Çok geçmedi, sonunda
görebildim, O'ydu. Kıpkırmızı olmuştu yüzü. Boğulacakmış gibi soluyordu. İyi
koşmuştu ama yorulmaya başladığı her halinden belliydi. O'na seslendim, baktı,
göz göze geldik. Ve o an sanki ondan bir parça kopup beni onunla bütünledi.
İçimde bembeyaz bir boşluk belirdi. Bir günah, dedim! Ancak bir günah bir
insanın bakışlarını böyle derinleştirebilir. Ortak bir dilde buluşmuştuk sanki.

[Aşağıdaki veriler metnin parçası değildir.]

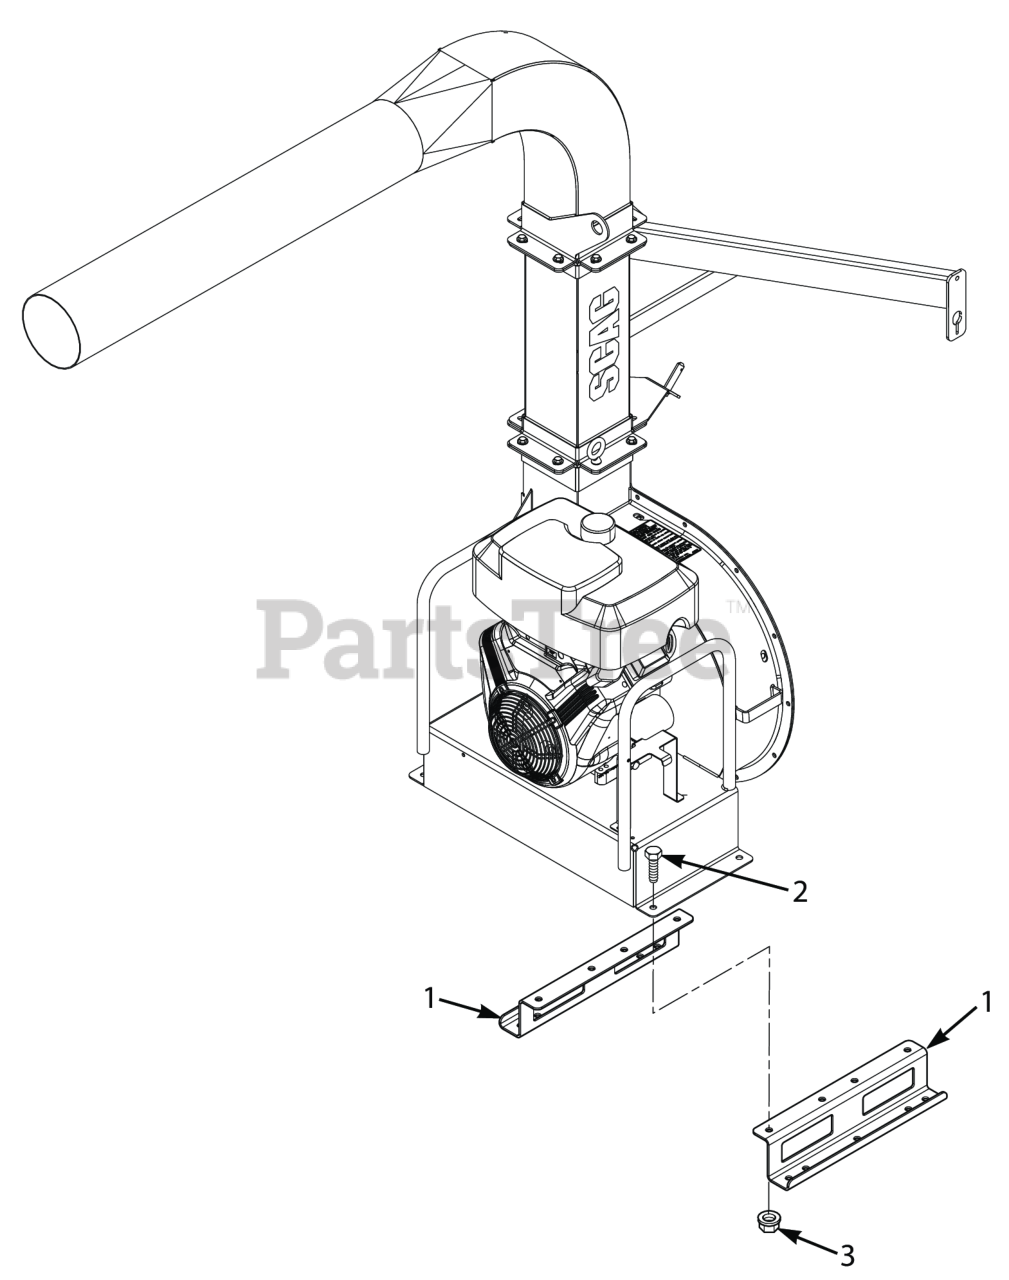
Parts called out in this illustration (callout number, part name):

Allak bulak yüzünün ağırlığını, bakışlarındaki kiri ve utancı sırtlanmıştım. En
az onun kadar ürkek ve çaresiz oluvermiştim. Bir kez daha seslendim. İlerde
sarp kayalıklar vardı ve oradan öteye geçemeyecekti. İkili de yeniden görüş
alanıma girmişti. O ise şimdi karşımda tüm çarelerini tüketmiş, elleriyle
başını sarmış, titriyor. Göğü bir baştan bir başa yara yırta bir yıldırım
düşüyor dağın yüzüne. Gök inliyor.
İkiliden biri O'nun
üstüne çullanıyor.
- Canavar, diyor diğeri alçak sesle. Yumruğu sıkılı. Nasıl
yaptın? Sadece bir çocuktu. Küçücük...
Açtın gözlerini, kirpiklerinde ıslak daha düş, henüz incelmemiş de sisi. Işık dağılıyor o sisin içine, çiğ sarı. Önce bir duvar görüyorsun. Bir iki kırptıktan sonra gözlerini çerçevelenmemiş kadın resimlerine dikiyorsun. Kırmızı, mavi, sarı ve siyahın birbirine bir şeyler anlattığını işitiyorsun. En az bir beyaz kadar anlıyorsun dillerinden.
18 Şubat 2016 Perşembe
17 Şubat 2016 Çarşamba
Bir kovan dolusu arı uğultusu... Pencereme bir gürültü yapıştırmış yüzünü. Onu izliyorum yarım saattir. Gitmeye niyeti yok gibi. Perdeyi çekip koltuğa oturuyorum. Ne mümkün kaçmak! Sesi bir an olsun kesilmiyor. Gidip perdeyi tekrar açıyor yüzüne doğru camı üç kez tıklatıyorum. Ses kesiliyor, görüntü siliniyor. Yerime geçiyorum, hoşnut bir gülüşle bakıyorum aynaya. Gözlerimi kapıyorum ki o sevimsiz yüzü beliriyor, yine o arı uğultusu, bu kez kafamın içinde, kızıl bir ahtapot gibi kavramış sımsıkı.
16 Şubat 2016 Salı
Sırtımda yarasa kanadı, Erek'ten Nemrut'a yaldızlı bir gece taşıyorum, gecenin bir yüzü ve ben simsiyahız. Krater gölünün kıyısında taşlar var, bir de dalları buz tutmuş sefil bir ağaç. Gözüm hep göğü görmeli, ayaklarımı asacak bir dal buluyorum. Kargalar konmuş bu dala belli bu sabah, kokuları canımı sıkıyor.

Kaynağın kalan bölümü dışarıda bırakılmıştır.